# liverpool victoria insurance



## m4tt_c (Jul 20, 2001)

hiya

i dont know if any of you have tried these people for insurance but they seem to be very good with modifications they didnt charge me any extra for any of the mods i've done to my car, including engine ones they didnt even wanna know what bits i had done.

they beat my best quote by 1200 quid.

not to sure what there like on performance cars but might be worth a try.


----------



## Kempy (Jul 8, 2002)

I've been with them for a couple of years now, they didn't save me as much as you but they were cheaper. They even have a lower excess than most aswell


----------



## HardTimes (Jul 29, 2002)

Damn, quoted me £3800 - £4800 for my GTS!

Chris


----------



## jae (Aug 28, 2002)

*LV*

Been with these folks for three years, and apart from major confusion when I changed to the GT-R (twelve certs in five weeks), I have no problem with them. GT-S cost £635 a year, GT-R cost and extra £146 for June to December. But then again, I do have the oh-so important age advantage (good for insurance, anyway).


----------



## Fuggles (Jul 3, 2001)

Having checked out the forum for recomended insurers Liverpool Victoria came out £500 cheaper than Direct Line and over £150 cheaper than any other quote.


----------



## skyline501 (Jun 29, 2001)

*Liverpool & Victoria Insurance*

What's going on with Skyline insurance this year? L&V have just quoted me £517 with £350 excess with mods declared.

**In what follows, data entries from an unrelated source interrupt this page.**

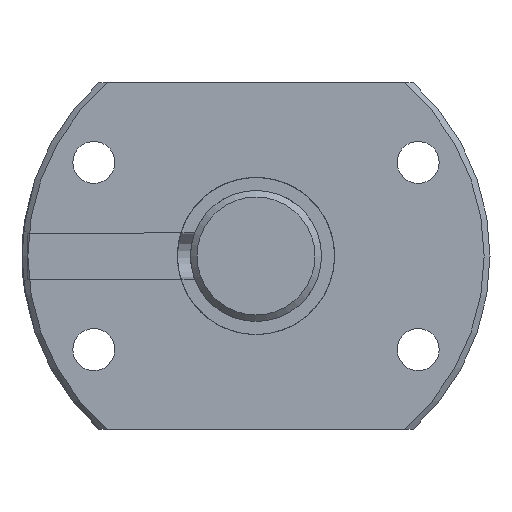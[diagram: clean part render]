
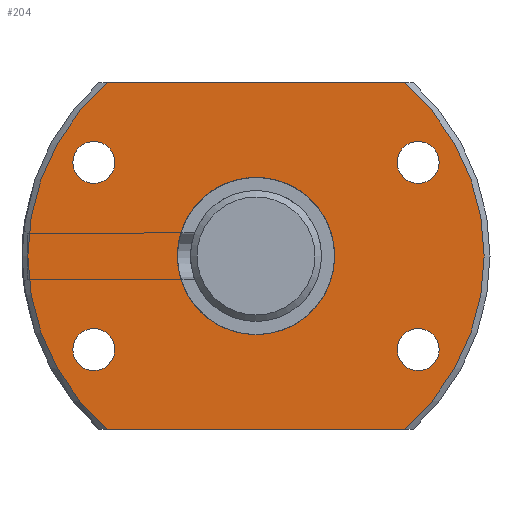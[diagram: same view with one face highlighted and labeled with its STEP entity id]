
A CAD part, left-side view. The second image highlights one B-rep face of the part: STEP entity #204.
In plain terms, the highlighted planar face has unit normal (-1, 0, 0).
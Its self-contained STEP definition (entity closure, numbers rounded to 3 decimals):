
#204 = ADVANCED_FACE( '', ( #311, #312, #313, #314, #315, #316 ), #317, .T. );
#311 = FACE_BOUND( '', #427, .T. );
#312 = FACE_OUTER_BOUND( '', #428, .T. );
#313 = FACE_BOUND( '', #429, .T. );
#314 = FACE_BOUND( '', #430, .T. );
#315 = FACE_BOUND( '', #431, .T. );
#316 = FACE_BOUND( '', #432, .T. );
#317 = PLANE( '', #433 );
#427 = EDGE_LOOP( '', ( #642 ) );
#428 = EDGE_LOOP( '', ( #643, #644, #645, #646 ) );
#429 = EDGE_LOOP( '', ( #647 ) );
#430 = EDGE_LOOP( '', ( #648 ) );
#431 = EDGE_LOOP( '', ( #649 ) );
#432 = EDGE_LOOP( '', ( #650 ) );
#433 = AXIS2_PLACEMENT_3D( '', #651, #652, #653 );
#642 = ORIENTED_EDGE( '', *, *, #718, .T. );
#643 = ORIENTED_EDGE( '', *, *, #738, .F. );
#644 = ORIENTED_EDGE( '', *, *, #703, .F. );
#645 = ORIENTED_EDGE( '', *, *, #709, .F. );
#646 = ORIENTED_EDGE( '', *, *, #739, .F. );
#647 = ORIENTED_EDGE( '', *, *, #695, .T. );
#648 = ORIENTED_EDGE( '', *, *, #697, .T. );
#649 = ORIENTED_EDGE( '', *, *, #699, .T. );
#650 = ORIENTED_EDGE( '', *, *, #701, .T. );
#651 = CARTESIAN_POINT( '', ( 0., 24.375, 0. ) );
#652 = DIRECTION( '', ( -1., 0., 0. ) );
#653 = DIRECTION( '', ( 0., 0., 1. ) );
#695 = EDGE_CURVE( '', #771, #771, #772, .T. );
#697 = EDGE_CURVE( '', #775, #775, #776, .T. );
#699 = EDGE_CURVE( '', #779, #779, #780, .T. );
#701 = EDGE_CURVE( '', #783, #783, #784, .T. );
#703 = EDGE_CURVE( '', #785, #788, #789, .T. );
#709 = EDGE_CURVE( '', #798, #785, #800, .T. );
#718 = EDGE_CURVE( '', #815, #815, #816, .T. );
#738 = EDGE_CURVE( '', #788, #849, #850, .T. );
#739 = EDGE_CURVE( '', #849, #798, #851, .T. );
#771 = VERTEX_POINT( '', #944 );
#772 = CIRCLE( '', #945, 2.25 );
#775 = VERTEX_POINT( '', #948 );
#776 = CIRCLE( '', #949, 2.25 );
#779 = VERTEX_POINT( '', #952 );
#780 = CIRCLE( '', #953, 2.25 );
#783 = VERTEX_POINT( '', #956 );
#784 = CIRCLE( '', #957, 2.25 );
#785 = VERTEX_POINT( '', #958 );
#788 = VERTEX_POINT( '', #964 );
#789 = CIRCLE( '', #965, 24.375 );
#798 = VERTEX_POINT( '', #981 );
#800 = LINE( '', #986, #987 );
#815 = VERTEX_POINT( '', #1039 );
#816 = CIRCLE( '', #1040, 8.4 );
#849 = VERTEX_POINT( '', #1112 );
#850 = LINE( '', #1113, #1114 );
#851 = CIRCLE( '', #1115, 24.375 );
#944 = CARTESIAN_POINT( '', ( 0., 17.321, -12.25 ) );
#945 = AXIS2_PLACEMENT_3D( '', #1162, #1163, #1164 );
#948 = CARTESIAN_POINT( '', ( 0., -17.321, -12.25 ) );
#949 = AXIS2_PLACEMENT_3D( '', #1168, #1169, #1170 );
#952 = CARTESIAN_POINT( '', ( 0., -17.321, 7.75 ) );
#953 = AXIS2_PLACEMENT_3D( '', #1174, #1175, #1176 );
#956 = CARTESIAN_POINT( '', ( 0., 17.321, 7.75 ) );
#957 = AXIS2_PLACEMENT_3D( '', #1180, #1181, #1182 );
#958 = CARTESIAN_POINT( '', ( 0., 15.871, -18.5 ) );
#964 = CARTESIAN_POINT( '', ( 0., 15.871, 18.5 ) );
#965 = AXIS2_PLACEMENT_3D( '', #1183, #1184, #1185 );
#981 = CARTESIAN_POINT( '', ( 0., -15.871, -18.5 ) );
#986 = CARTESIAN_POINT( '', ( 0., -25.1, -18.5 ) );
#987 = VECTOR( '', #1190, 1000. );
#1039 = CARTESIAN_POINT( '', ( 0., 0., -8.4 ) );
#1040 = AXIS2_PLACEMENT_3D( '', #1202, #1203, #1204 );
#1112 = CARTESIAN_POINT( '', ( 0., -15.871, 18.5 ) );
#1113 = CARTESIAN_POINT( '', ( 0., 25.1, 18.5 ) );
#1114 = VECTOR( '', #1246, 1000. );
#1115 = AXIS2_PLACEMENT_3D( '', #1247, #1248, #1249 );
#1162 = CARTESIAN_POINT( '', ( 0., 17.321, -10. ) );
#1163 = DIRECTION( '', ( 1., 0., 0. ) );
#1164 = DIRECTION( '', ( 0., 0., -1. ) );
#1168 = CARTESIAN_POINT( '', ( 0., -17.321, -10. ) );
#1169 = DIRECTION( '', ( 1., 0., 0. ) );
#1170 = DIRECTION( '', ( 0., 0., -1. ) );
#1174 = CARTESIAN_POINT( '', ( 0., -17.321, 10. ) );
#1175 = DIRECTION( '', ( 1., 0., 0. ) );
#1176 = DIRECTION( '', ( 0., 0., -1. ) );
#1180 = CARTESIAN_POINT( '', ( 0., 17.321, 10. ) );
#1181 = DIRECTION( '', ( 1., 0., 0. ) );
#1182 = DIRECTION( '', ( 0., 0., -1. ) );
#1183 = CARTESIAN_POINT( '', ( 0., 0., 0. ) );
#1184 = DIRECTION( '', ( 1., 0., 0. ) );
#1185 = DIRECTION( '', ( 0., 0., -1. ) );
#1190 = DIRECTION( '', ( 0., 1., 0. ) );
#1202 = CARTESIAN_POINT( '', ( 0., 0., 0. ) );
#1203 = DIRECTION( '', ( 1., 0., 0. ) );
#1204 = DIRECTION( '', ( 0., 0., -1. ) );
#1246 = DIRECTION( '', ( 0., -1., 0. ) );
#1247 = CARTESIAN_POINT( '', ( 0., 0., 0. ) );
#1248 = DIRECTION( '', ( 1., 0., 0. ) );
#1249 = DIRECTION( '', ( 0., 0., -1. ) );

Direct Line wanted £760. Tesco quoted £1015, I paid £1200 with Norwich Union last year and suppose they'll be after more this year. L&V it is then  

Vincenzo


----------



## m4tt_c (Jul 20, 2001)

i put a post on a few forums about these people and so many people have said how cheap they got them 

glad i helped a few people out


----------



## Eyore (Jul 31, 2002)

*L & V*

good to c that its helped people out.

Can you help me out and tell me their no. then cause I cant find it ! (probly just me)

cause I want quotes for a GTS 2 !!!

Thanks, E 

Lazy git that i am!


----------



## Moschops (Sep 3, 2002)

*Try...*

0800 514 514, or for the Old Gits (and I am one) with dodgy hearing - 0800 169 3390


----------



## Moschops (Sep 3, 2002)

*Just*

tried their online quote and got 'your quote could be between £612 - £761' - which is the best I have had for an L/M GTS.

Better than the £1200 from, er... sh*t, forgot who  *sigh* one downside of being old - losing your...... er


----------



## SXy Si (Jul 22, 2002)

cheers M4tt_C - I`m getting quotes for my 2hundy at the moment and they`re clearly the best so far


----------



## m4tt_c (Jul 20, 2001)

can all give me a percentage of the savings then


----------



## Moschops (Sep 3, 2002)

*Just gone with LV*

Norwich Union wanted £1500 (would have been £1200 without the mods; how does that work then? They're only Intake/Exhaust/ECU change).

LV wanted £904 - Sold. That's a saving of er _quite a few_%

The woman on the phone was really helpful & polite, and I like that sort of thing!


----------



## Howsie (Feb 25, 2002)

*Signed up with them too!*

Happy now and not as poor as I could have been.


----------



## Moschops (Sep 3, 2002)

*Just*

don't take it for granted that the website quote is anything like what you will pay. Might be, might not.


----------